The department has strong scientific links with the Children’s Hospital Research Institute of Manitoba, Research Institute of Oncology and Hematology, Manitoba Centre for Proteomics and Systems Biology, National Microbiology Laboratory and Health Sciences Centre.
Marshall hopes to foster interdisciplinary relationships with research groups that share overlapping interests, allowing immunologists to provide expertise on teams that study cancer and chronic diseases such as arthritis, asthma and allergies.
“I think we bring new insights when we’re involved in this kind of interprofessional research,” he said. “That’s something I will be promoting – to build connections between our faculty and research teams across the Rady Faculty of Health Sciences.”
Five Decades of Discovery
Over the past 50 years, researchers in the department of immunology have made many notable discoveries that have advanced scientific knowledge of the immune system. Members of the department have produced more than 2,500 research publications. Their findings have contributed to new treatments for asthma, allergies, cancer, autoimmune and infectious diseases, as well as improvements in organ transplantation. Here are just a few of the high-impact discoveries made by U of M immunologists:
1972–1980: Identification of immune cells possessing the ability to attack and kill cancer cells, and their specific “killer enzymes,” paving the way for future development of cancer immunotherapies.
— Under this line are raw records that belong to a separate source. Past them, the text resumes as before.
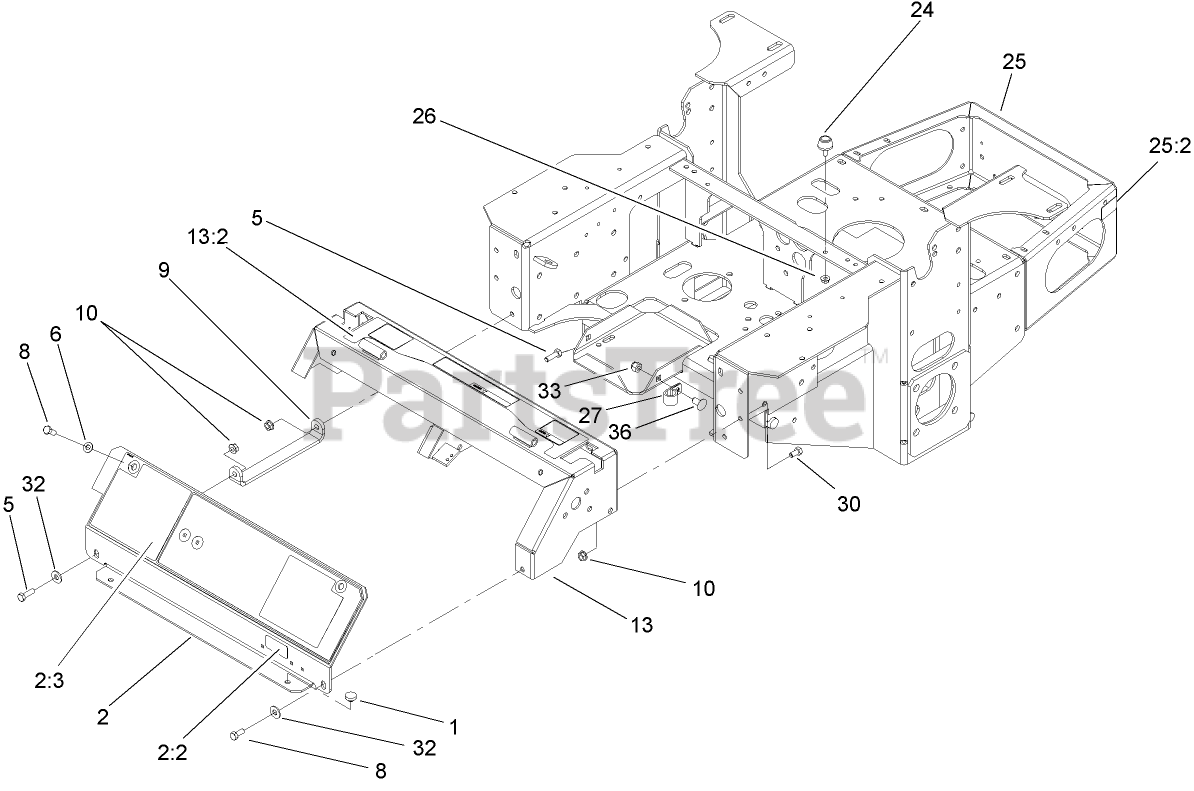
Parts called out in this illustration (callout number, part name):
1	BUMPER
2	PANEL ASM
2:2	DECAL-PROTECTION, EAR
2:3	DECAL-COVER, PANEL
5	SCREW-HH
6	WASHER-PLAIN
8	SCREW-HH
9	BRACKET
10	NUT-HF
13	CONSOLE ASM
13:2	DECAL-WARNING
24	BUMPER
25	MAIN FRAME ASM
25:2	DECAL-SURFACE, HOT
26	NUT-HF
27	CLIP-LOOM
30	SCREW-HH
32	WASHER-FLAT
33	NUT-LOCK, NI
36	SCREW-CARR

1974–1990: Discovery that chemically modified allergens can suppress allergic responses, sparking the identification of new immune regulatory mechanisms and leading to the development of new techniques to suppress certain allergic responses.
1980s–Present: Identification of immune mechanisms underlying the development of allergic asthma and food allergies in children, leading to early-life intervention and treatment studies and clinical trials, including a new vaccine to treat ragweed allergies.
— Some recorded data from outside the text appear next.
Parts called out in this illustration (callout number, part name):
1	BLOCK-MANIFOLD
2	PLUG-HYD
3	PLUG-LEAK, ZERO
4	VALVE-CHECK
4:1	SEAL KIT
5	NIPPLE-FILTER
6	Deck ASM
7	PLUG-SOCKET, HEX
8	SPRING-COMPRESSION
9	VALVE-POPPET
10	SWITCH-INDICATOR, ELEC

1995–Present: Discovery of improved methods for matching kidney donors to recipients and new biomarkers to identify early stages of transplant rejection, allowing for improved clinical management and better outcomes for transplant patients.
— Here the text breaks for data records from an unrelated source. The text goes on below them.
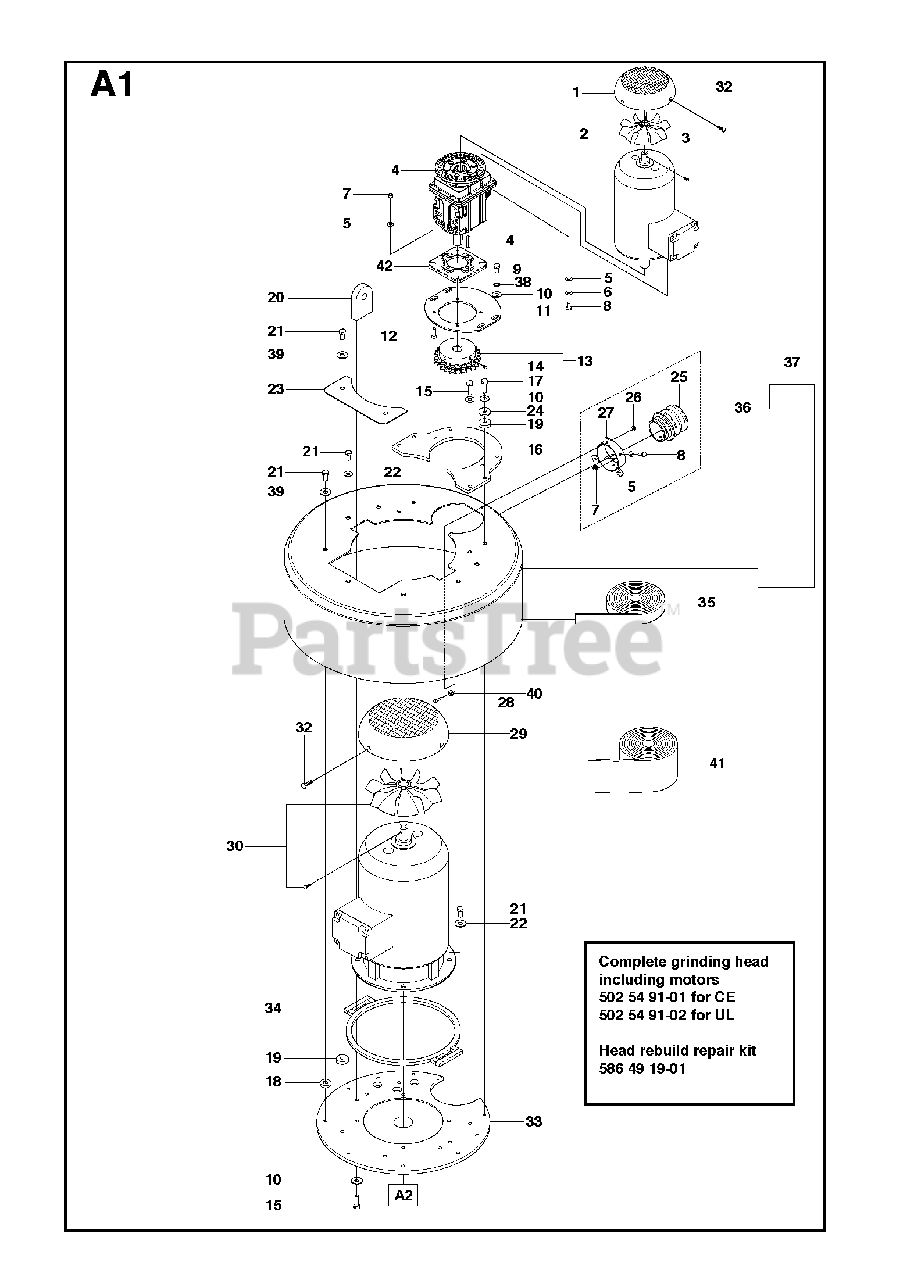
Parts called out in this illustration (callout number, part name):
5	WASHER
6	SPRING WASHER
7	HEXAGON LOCKING NUT
10	WASHER
22	WASHER
26	HEXAGON LOCKING NUT
28	SCREW CRCSFM

2006–Present: Identification of specific immune mechanisms that control parasitic diseases such as leishmaniasis and trypanosomiasis, leading to the development of new vaccination strategies and the establishment of a large program for the study of parasitic diseases.
2005–2014: Development at the National Microbiology Lab in Winnipeg of the first successful Ebola vaccine, as well as neutralizing antibodies to Ebola that were credited with saving lives during the 2014 Ebola outbreak in West Africa.
2008–Present: Identification of the mechanisms that control the initial development of autoantibodies before overt symptoms of rheumatoid arthritis and lupus appear, leading to new strategies to assess at-risk populations and allowing earlier therapeutic intervention.
2010–Present: Discovery of new mechanisms by which immune cells transmit information from the outside to the inside of the cell via a signaling network, laying the groundwork for successful new therapeutics in B cell leukemia.
2015–Present: Discovery that a class of neuronal cell receptors (semaphorins) also function to guide immune cell migration and control inflammation in diseases such as asthma, inflammatory bowel disease, bacterial infection and parasitic infection.
2015 – Present: Investigation of specific mechanisms by which cancer cells inhibit and subvert the immune system, and how specific immune cell types can be “turned back on” to fight cancer cells and improve overall immune system function.